Tire Blowout Motion Control of Over-actuated Ground Vehicles: A Hierarchical Framework

Tire blowout of ground vehicle has greatly threaten the safety of the passengers and road traffic under expressway circumstances due to its suddenness and unpredictability, and human driver is generally hard to cope with such extremely dangerous maneuver. To this end, this paper proposes a hierarchical control scheme for the tire blow-out vehicle subjected to over-actuation, nonlinearity and uncertainty, which is composed of velocity observer, motion controller as well as tire force allocator. To be specific, a nonsingular terminal sliding-mode velocity observer is designed to estimating the essential velocity signals because of its finite-time convergence and robustness property.
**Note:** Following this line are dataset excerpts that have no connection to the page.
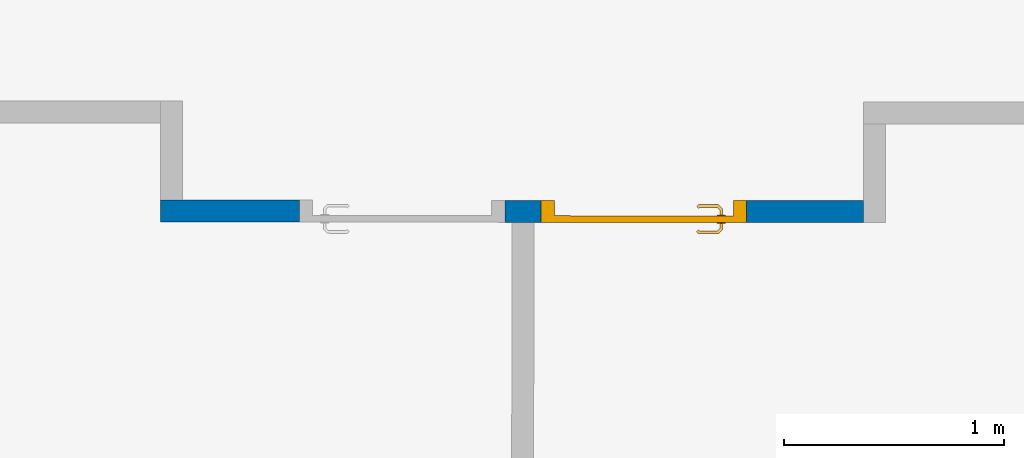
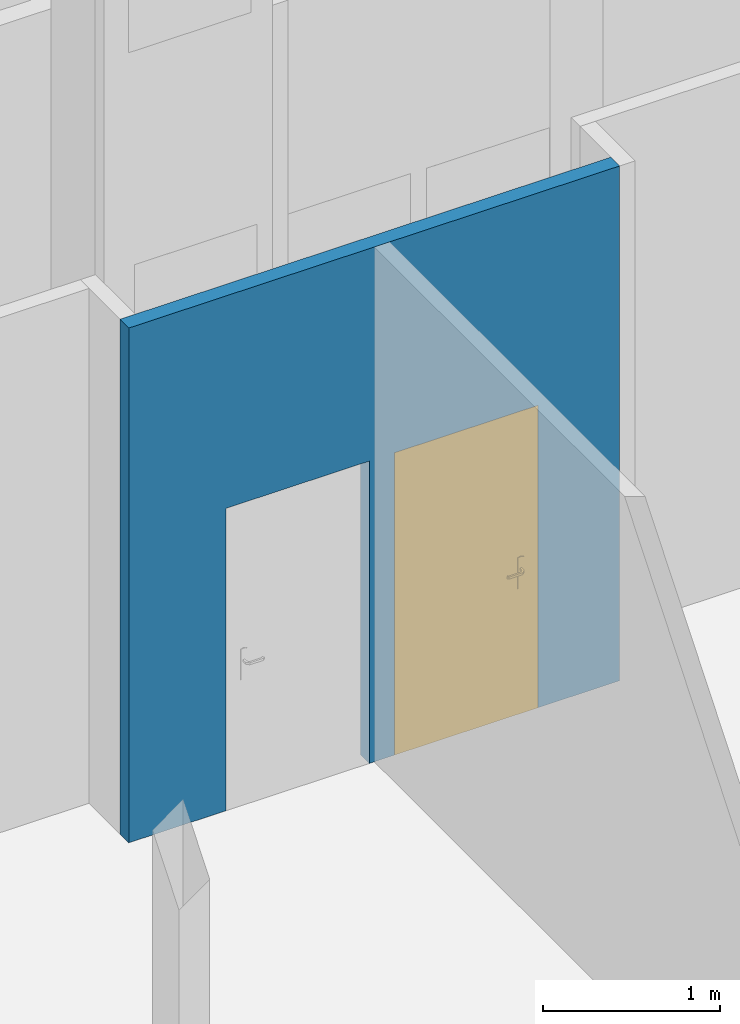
# One storey, part 45 of 101: 1 door, 1 wall, 2 openings.
"""IFC2X3 building model written with IfcOpenShell, lengths in metres."""

from ifc_helpers import new_model, entity, si_unit, converted_unit, derived_unit, direction, frame, frame_2d, origin, place, context, subcontext, project, spatial, rectangle, extrude, faceted_brep, source, transform, mapped, material, material_list, layer, layer_set, layer_usage, type_object, type_shapes, element, fill, save


model = new_model("IFC2X3")

# Units and contexts
model_context = context("Model", 3, precision=1e-05, world=origin(), true_north=direction((6.123233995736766e-17, 1.0)))
body_context = subcontext(model_context, "Body", "Model", "MODEL_VIEW")
ifc_project = project(units=[si_unit("LENGTHUNIT", "METRE"), si_unit("AREAUNIT", "SQUARE_METRE"), converted_unit("PLANEANGLEUNIT", "DEGREE", entity("IfcPlaneAngleMeasure", 0.017453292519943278), si_unit("PLANEANGLEUNIT", "RADIAN"), dimensions=[0, 0, 0, 0, 0, 0, 0]), derived_unit("THERMALTRANSMITTANCEUNIT", [(si_unit("MASSUNIT", "GRAM", prefix="KILO"), 1), (si_unit("THERMODYNAMICTEMPERATUREUNIT", "KELVIN"), -1), (si_unit("TIMEUNIT", "SECOND"), -3)])], contexts=[model_context])

# Site, building, storey
site_placement = place(None, frame((1253.6752467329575, 2072.143113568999, 91.49999999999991), z_axis=(0.0, 0.0, 1.0), x_axis=(0.7237211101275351, 0.6900925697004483, 0.0)))
site = spatial("IfcSite", under=ifc_project, at=site_placement, Name="Surface", CompositionType="ELEMENT")
building_placement = place(site_placement, origin())
building = spatial("IfcBuilding", under=site, at=building_placement, CompositionType="ELEMENT")
storey_placement = place(building_placement, origin())
storey = spatial("IfcBuildingStorey", under=building, at=storey_placement, Name="0- Rdc", CompositionType="ELEMENT", Elevation=-5.764692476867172e-13)

# Wall, openings, door
ifc_material_1 = material(Name="OMD_Béton blanc")
ifc_layer = layer(ifc_material_1, 0.1)
ifc_layer_set = layer_set([ifc_layer], Name="Mur de base:MUR 10")
ifc_layer_usage = layer_usage(ifc_layer_set, "AXIS2", "NEGATIVE", 0.05)
wall_type = type_object("IfcWallType", Name="Mur de base:MUR 10", PredefinedType="STANDARD", material=ifc_layer_set)
wall_placement = place(storey_placement, frame((155.02169583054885, 2.2505814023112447, 0.0), z_axis=(0.0, 0.0, 1.0), x_axis=(0.722870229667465, -0.6909838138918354, 0.0)))
wall = element("IfcWallStandardCase", 1, at=wall_placement, inside=storey, type_object=wall_type, material=ifc_layer_usage, Name="Mur de base:MUR 10", ObjectType="Mur de base:MUR 10", context=body_context, shape_type="SweptSolid", body=[
    extrude(rectangle(XDim=3.2000000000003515, YDim=0.09999999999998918, at=frame_2d((1.600000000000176, 2.588207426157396e-15), x_axis=(-1.0, 0.0))), origin(), (0.0, 0.0, 1.0), 3.5499999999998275),
])
opening_1_placement = place(wall_placement, frame((2.667499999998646, 0.05000000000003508, 0.0)))
opening_1 = element("IfcOpeningElement", 2, at=opening_1_placement, cuts=wall, Name="OMD_Porte 1V tunnel:80x204:1", ObjectType="Opening", context=body_context, shape_type="SweptSolid", body=[
    extrude(rectangle(XDim=2.0850000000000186, YDim=0.9349999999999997, at=frame_2d((1.0425000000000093, 0.46749999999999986), x_axis=(1.0, 0.0))), frame((0.0, 0.0, 0.0), z_axis=(0.0, -1.0, 0.0), x_axis=(0.0, 0.0, 1.0)), (0.0, 0.0, 1.0), 0.09999999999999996),
])
opening_2_placement = place(wall_placement, frame((1.5674999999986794, 0.05000000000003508, 0.0)))
element("IfcOpeningElement", 3, at=opening_2_placement, cuts=wall, Name="OMD_Porte 1V tunnel:80x204:1", ObjectType="Opening", context=body_context, shape_type="SweptSolid", body=[
    extrude(rectangle(XDim=2.0850000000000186, YDim=0.9349999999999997, at=frame_2d((1.0425000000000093, 0.46749999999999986), x_axis=(1.0, 0.0))), frame((0.0, 0.0, 0.0), z_axis=(0.0, -1.0, 0.0), x_axis=(0.0, 0.0, 1.0)), (0.0, 0.0, 1.0), 0.09999999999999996),
])
ifc_material_2 = material(Name="Porte - Poignée")
ifc_material_3 = material(Name="OMD_Peinture mur")
ifc_material_4 = material(Name="OMD_Bois")
ifc_material_list = material_list([ifc_material_2, ifc_material_3, ifc_material_4])
door_style = type_object("IfcDoorStyle", Name="OMD_Porte 1V tunnel:80x204", ConstructionType="NOTDEFINED", OperationType="NOTDEFINED", ParameterTakesPrecedence=False, Sizeable=False, material=ifc_material_list)
shared_shape = source(origin(), body_context, "Body", "Brep", [
    faceted_brep([(0.8220252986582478, 0.03500000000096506, 1.0077804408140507), (0.8179747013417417, 0.03500000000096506, 1.007780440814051), (0.8139999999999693, 0.03500000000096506, 1.00699999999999), (0.8139999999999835, 0.03500000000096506, 0.9930000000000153), (0.8179747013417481, 0.03500000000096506, 0.9922195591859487), (0.8220252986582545, 0.03500000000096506, 0.9922195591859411), (0.8260000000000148, 0.03500000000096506, 0.9929999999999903), (0.826000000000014, 0.03500000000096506, 1.006999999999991), (0.8139999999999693, 0.05748520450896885, 1.00699999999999), (0.8139999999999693, 0.05748520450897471, 0.9930000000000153), (0.8179747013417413, 0.059131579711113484, 1.007780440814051), (0.8220252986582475, 0.060809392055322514, 1.0077804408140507), (0.8058389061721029, 0.07699578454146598, 1.0077804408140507), (0.8041610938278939, 0.07294518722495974, 1.007780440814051), (0.7207931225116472, 0.07294518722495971, 1.0077804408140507), (0.7191153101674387, 0.07699578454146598, 1.0077804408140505), (0.7114510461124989, 0.06933152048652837, 1.0077804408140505), (0.714315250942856, 0.0664673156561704, 1.0077804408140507), (0.8260000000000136, 0.062455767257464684, 1.006999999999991), (0.8260000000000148, 0.062455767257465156, 0.9929999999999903), (0.8220252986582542, 0.06080939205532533, 0.9922195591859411), (0.8179747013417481, 0.05913157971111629, 0.9922195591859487), (0.8041610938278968, 0.07294518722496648, 0.9922195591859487), (0.8058389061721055, 0.07699578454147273, 0.9922195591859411), (0.7191153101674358, 0.07699578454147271, 0.9922195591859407), (0.7207931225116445, 0.07294518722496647, 0.9922195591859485), (0.7143152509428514, 0.06646731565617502, 0.9922195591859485), (0.7114510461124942, 0.06933152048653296, 0.9922195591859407), (0.8025147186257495, 0.06897048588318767, 1.00699999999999), (0.8025147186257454, 0.06897048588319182, 0.9930000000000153), (0.8074852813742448, 0.08097048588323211, 1.006999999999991), (0.8074852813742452, 0.08097048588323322, 0.9929999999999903), (0.7624771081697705, 0.06897048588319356, 1.0069999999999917), (0.7224394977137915, 0.06897048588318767, 1.0069999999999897), (0.7224394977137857, 0.0689704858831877, 0.9930000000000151), (0.7624771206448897, 0.06897048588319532, 0.9930000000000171), (0.7624771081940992, 0.07512492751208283, 1.0078781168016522), (0.7573994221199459, 0.08097048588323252, 1.0069999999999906), (0.7174689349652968, 0.08097048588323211, 1.0069999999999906), (0.7675547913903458, 0.08097048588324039, 0.9929999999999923), (0.7174689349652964, 0.08097048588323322, 0.99299999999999), (0.762477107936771, 0.07512492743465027, 0.9921218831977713), (0.7086405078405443, 0.07214205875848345, 1.0069999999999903), (0.7086405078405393, 0.07214205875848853, 0.9929999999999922), (0.7171257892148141, 0.06365677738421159, 0.9930000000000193), (0.71712578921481, 0.06365677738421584, 1.0069999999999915)], [[[0, 1, 2, 3, 4, 5, 6, 7]], [[8, 9, 3, 2]], [[1, 10, 8, 2]], [[1, 0, 11, 12, 13, 10]], [[14, 15, 16, 17]], [[7, 18, 11, 0]], [[18, 7, 6, 19]], [[6, 5, 20, 19]], [[5, 4, 21, 22, 23, 20]], [[24, 25, 26, 27]], [[4, 3, 9, 21]], [[28, 29, 9, 8]], [[8, 10, 13, 28]], [[18, 30, 12, 11]], [[31, 30, 18, 19]], [[19, 20, 23, 31]], [[21, 9, 29, 22]], [[29, 28, 32, 33, 34, 35]], [[36, 32, 13]], [[37, 38, 15]], [[37, 12, 30]], [[36, 12, 37]], [[14, 32, 36]], [[36, 15, 14]], [[28, 13, 32]], [[32, 14, 33]], [[12, 36, 13]], [[15, 36, 37]], [[30, 31, 39, 40, 38, 37]], [[23, 41, 39]], [[24, 39, 41]], [[39, 31, 23]], [[39, 24, 40]], [[22, 35, 41]], [[41, 23, 22]], [[41, 35, 25]], [[35, 22, 29]], [[34, 25, 35]], [[24, 41, 25]], [[17, 16, 42, 43, 27, 26, 44, 45]], [[45, 44, 34, 33]], [[33, 14, 17, 45]], [[15, 38, 42, 16]], [[43, 42, 38, 40]], [[24, 27, 43, 40]], [[34, 44, 26, 25]]]),
    faceted_brep([(0.817974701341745, -0.004999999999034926, 1.007780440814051), (0.8220252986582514, -0.004999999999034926, 1.0077804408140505), (0.8260000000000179, -0.004999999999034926, 1.0069999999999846), (0.8260000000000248, -0.004999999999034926, 0.9929999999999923), (0.8220252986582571, -0.004999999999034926, 0.992219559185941), (0.817974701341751, -0.004999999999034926, 0.9922195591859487), (0.8139999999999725, -0.004999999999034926, 0.9930000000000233), (0.8139999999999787, -0.004999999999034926, 1.006999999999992), (0.8220252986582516, -0.03100457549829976, 1.0077804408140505), (0.8260000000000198, -0.03265095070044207, 1.0069999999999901), (0.8179747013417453, -0.02932676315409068, 1.007780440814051), (0.8042986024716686, -0.04300286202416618, 1.007780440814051), (0.8059764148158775, -0.04705345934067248, 1.0077804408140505), (0.7191424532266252, -0.04705345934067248, 1.0077804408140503), (0.7208202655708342, -0.04300286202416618, 1.0077804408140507), (0.714342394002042, -0.03652499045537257, 1.0077804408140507), (0.7114781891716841, -0.039389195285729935, 1.0077804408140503), (0.813999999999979, -0.02768038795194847, 1.006999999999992), (0.8139999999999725, -0.02768038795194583, 0.9930000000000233), (0.817974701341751, -0.029326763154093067, 0.9922195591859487), (0.8220252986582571, -0.031004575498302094, 0.992219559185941), (0.8059764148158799, -0.0470534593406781, 0.992219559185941), (0.804298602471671, -0.04300286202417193, 0.9922195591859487), (0.7208202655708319, -0.04300286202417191, 0.9922195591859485), (0.7191424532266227, -0.047053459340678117, 0.9922195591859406), (0.71147818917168, -0.03938919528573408, 0.9922195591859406), (0.7143423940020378, -0.036524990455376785, 0.9922195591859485), (0.8260000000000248, -0.032650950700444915, 0.9929999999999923), (0.807622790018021, -0.051028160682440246, 1.0069999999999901), (0.8026522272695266, -0.03902816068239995, 1.006999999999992), (0.8026522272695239, -0.03902816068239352, 0.9930000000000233), (0.8076227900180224, -0.05102816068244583, 0.9929999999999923), (0.762559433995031, -0.0451828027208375, 1.0078781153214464), (0.7676923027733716, -0.05102816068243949, 1.0069999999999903), (0.7174960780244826, -0.05102816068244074, 1.00699999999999), (0.7625594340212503, -0.03902816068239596, 1.0069999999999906), (0.7224666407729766, -0.039028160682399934, 1.0069999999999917), (0.7625594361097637, -0.03902816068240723, 0.9930000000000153), (0.7224666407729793, -0.03902816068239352, 0.9930000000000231), (0.7625594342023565, -0.04518280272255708, 0.9921218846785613), (0.7574265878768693, -0.051028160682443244, 0.9929999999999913), (0.7174960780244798, -0.05102816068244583, 0.9929999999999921), (0.7171529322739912, -0.033714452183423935, 0.9930000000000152), (0.7086676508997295, -0.04219973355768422, 0.9929999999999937), (0.7086676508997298, -0.04219973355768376, 1.0069999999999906), (0.717152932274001, -0.03371445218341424, 1.0069999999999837)], [[[0, 1, 2, 3, 4, 5, 6, 7]], [[2, 1, 8, 9]], [[1, 0, 10, 11, 12, 8]], [[13, 14, 15, 16]], [[0, 7, 17, 10]], [[18, 17, 7, 6]], [[5, 19, 18, 6]], [[5, 4, 20, 21, 22, 19]], [[23, 24, 25, 26]], [[3, 27, 20, 4]], [[9, 27, 3, 2]], [[9, 8, 12, 28]], [[10, 17, 29, 11]], [[30, 29, 17, 18]], [[18, 19, 22, 30]], [[20, 27, 31, 21]], [[28, 31, 27, 9]], [[12, 32, 33]], [[13, 33, 32]], [[33, 28, 12]], [[33, 13, 34]], [[11, 35, 32]], [[32, 12, 11]], [[32, 35, 14]], [[35, 11, 29]], [[36, 14, 35]], [[13, 32, 14]], [[29, 30, 37, 38, 36, 35]], [[39, 37, 22]], [[40, 41, 24]], [[40, 21, 31]], [[39, 21, 40]], [[23, 37, 39]], [[39, 24, 23]], [[30, 22, 37]], [[37, 23, 38]], [[21, 39, 22]], [[24, 39, 40]], [[31, 28, 33, 34, 41, 40]], [[42, 26, 25, 43, 44, 16, 15, 45]], [[13, 16, 44, 34]], [[36, 45, 15, 14]], [[42, 45, 36, 38]], [[38, 23, 26, 42]], [[24, 41, 43, 25]], [[44, 43, 41, 34]]]),
    faceted_brep([(0.8199999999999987, 0.030000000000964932, 0.8646410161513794), (0.8303527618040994, 0.03000000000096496, 0.866003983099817), (0.8399999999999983, 0.030000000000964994, 0.8700000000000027), (0.8399999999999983, 0.030000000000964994, 1.0800000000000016), (0.8303527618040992, 0.03000000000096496, 1.0839960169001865), (0.8199999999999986, 0.030000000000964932, 1.0853589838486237), (0.809647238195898, 0.030000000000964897, 1.0839960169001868), (0.7999999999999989, 0.030000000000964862, 1.0800000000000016), (0.7999999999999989, 0.030000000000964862, 0.8700000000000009), (0.8096472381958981, 0.030000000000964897, 0.8660039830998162), (0.8199999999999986, 0.03500000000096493, 1.0853589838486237), (0.8303527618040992, 0.03500000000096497, 1.0839960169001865), (0.8399999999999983, 0.035000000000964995, 1.0800000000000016), (0.8399999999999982, 0.035000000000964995, 0.8700000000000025), (0.8303527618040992, 0.03500000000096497, 0.866003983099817), (0.8199999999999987, 0.03500000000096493, 0.8646410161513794), (0.8096472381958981, 0.0350000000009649, 0.8660039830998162), (0.7999999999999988, 0.03500000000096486, 0.8700000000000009), (0.7999999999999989, 0.03500000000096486, 1.0800000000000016), (0.809647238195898, 0.0350000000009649, 1.0839960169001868)], [[[0, 1, 2, 3, 4, 5, 6, 7, 8, 9]], [[10, 11, 12, 13, 14, 15, 16, 17, 18, 19]], [[6, 19, 18, 7]], [[5, 10, 19, 6]], [[4, 11, 10, 5]], [[4, 3, 12, 11]], [[12, 3, 2, 13]], [[1, 14, 13, 2]], [[0, 15, 14, 1]], [[9, 16, 15, 0]], [[9, 8, 17, 16]], [[17, 8, 7, 18]]]),
    faceted_brep([(0.819999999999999, -0.004999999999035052, 0.8646410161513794), (0.8303527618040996, -0.0049999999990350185, 0.8660039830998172), (0.8399999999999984, -0.004999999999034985, 0.8700000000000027), (0.8399999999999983, -0.004999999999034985, 1.0800000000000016), (0.8303527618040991, -0.0049999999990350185, 1.0839960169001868), (0.8199999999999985, -0.004999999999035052, 1.0853589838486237), (0.8096472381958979, -0.004999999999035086, 1.0839960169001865), (0.7999999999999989, -0.004999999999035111, 1.0800000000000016), (0.7999999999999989, -0.004999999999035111, 0.8700000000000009), (0.8096472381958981, -0.004999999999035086, 0.8660039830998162), (0.8399999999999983, 0.0, 1.0800000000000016), (0.8399999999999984, 0.0, 0.8700000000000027), (0.8303527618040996, 0.0, 0.8660039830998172), (0.819999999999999, 0.0, 0.8646410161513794), (0.8096472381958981, 0.0, 0.8660039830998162), (0.7999999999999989, 0.0, 0.8700000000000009), (0.7999999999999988, 0.0, 1.0800000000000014), (0.8096472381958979, 0.0, 1.0839960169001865), (0.8199999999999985, 0.0, 1.0853589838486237), (0.8303527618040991, 0.0, 1.0839960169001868)], [[[0, 1, 2, 3, 4, 5, 6, 7, 8, 9]], [[10, 11, 12, 13, 14, 15, 16, 17, 18, 19]], [[1, 12, 11, 2]], [[0, 13, 12, 1]], [[9, 14, 13, 0]], [[9, 8, 15, 14]], [[15, 8, 7, 16]], [[6, 17, 16, 7]], [[5, 18, 17, 6]], [[4, 19, 18, 5]], [[4, 3, 10, 19]], [[10, 3, 2, 11]]]),
    faceted_brep([(0.89, 0.030000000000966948, 0.0), (0.89, 0.0, 0.0), (0.04500000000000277, 0.0, 0.0), (0.04500000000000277, 0.030000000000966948, 0.0), (0.89, 0.030000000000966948, 2.04), (0.89, 0.0, 2.04), (0.04500000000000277, 0.0, 2.04), (0.04500000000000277, 0.030000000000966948, 2.04)], [[[0, 1, 2, 3]], [[4, 5, 1, 0]], [[5, 6, 2, 1]], [[6, 7, 3, 2]], [[7, 4, 0, 3]], [[4, 7, 6, 5]]]),
    faceted_brep([(0.9350000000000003, 0.0, 0.0), (0.89, 0.0, 0.0), (0.8900000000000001, 0.03000000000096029, 0.0), (0.8750000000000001, 0.030000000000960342, 0.0), (0.8750000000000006, 0.10000000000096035, 0.0), (0.9350000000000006, 0.10000000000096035, 0.0), (0.9350000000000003, 0.0, 2.085), (0.0, 0.0, 2.085), (0.0, 0.0, 0.0), (0.04500000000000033, 0.0, 0.0), (0.04500000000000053, 0.0, 2.04), (0.8899999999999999, 0.0, 2.0399999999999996), (0.89, 0.030000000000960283, 2.0399999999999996), (0.0450000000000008, 0.03000000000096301, 2.0399999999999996), (0.0450000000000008, 0.030000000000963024, 0.0), (0.060000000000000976, 0.030000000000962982, 0.0), (0.060000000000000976, 0.03000000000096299, 2.0249999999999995), (0.8750000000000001, 0.03000000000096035, 2.025), (0.8750000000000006, 0.10000000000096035, 2.0250000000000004), (0.060000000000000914, 0.10000000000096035, 2.025), (0.060000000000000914, 0.10000000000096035, 0.0), (0.0, 0.10000000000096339, 0.0), (0.0, 0.10000000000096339, 2.085), (0.9350000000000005, 0.10000000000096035, 2.085)], [[[0, 1, 2, 3, 4, 5]], [[1, 0, 6, 7, 8, 9, 10, 11]], [[2, 1, 11, 12]], [[3, 2, 12, 13, 14, 15, 16, 17]], [[4, 3, 17, 18]], [[5, 4, 18, 19, 20, 21, 22, 23]], [[0, 5, 23, 6]], [[7, 22, 21, 8]], [[8, 21, 20, 15, 14, 9]], [[13, 10, 9, 14]], [[19, 16, 15, 20]], [[12, 11, 10, 13]], [[18, 17, 16, 19]], [[6, 23, 22, 7]]]),
])
type_shapes(door_style, [shared_shape])
door_placement = place(opening_1_placement, frame((-0.9349999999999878, -0.10000000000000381, 0.0)))
door = element("IfcDoor", 4, at=door_placement, inside=storey, type_object=door_style, material=ifc_material_list, Name="OMD_Porte 1V tunnel:80x204", ObjectType="OMD_Porte 1V tunnel:80x204", OverallHeight=2.0850000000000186, OverallWidth=0.9349999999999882, context=body_context, shape_type="MappedRepresentation", body=[
    mapped(shared_shape, transform((0.0, 0.0, 0.0), scale=1.0)),
])
fill(opening_1, door)

save(model, "model.ifc")

Further, based on observed velocity signals, a robust tube-based model predictive controller is proposed to enhance the lateral stability of the vehicle after tire blowout, where system uncertainty and external disturbances are taken into account. Together with the previously developed tire force allocator, the hierarchical observation-control-allocation framework is developed for the tire blow-out vehicle, which reduces the complexity of the system design, and enhances the robustness of control scheme. Finally, simulation results performed on Simulink-CarSim platform validated the effectiveness and superiority of the developed velocity observer as well as the feasibility and effectiveness of the proposed hierarchical framework and control methods. In future, the hardware-in-the-loop (HiL) simulation test will be conducted to further validate and improve the proposed control framework and approaches.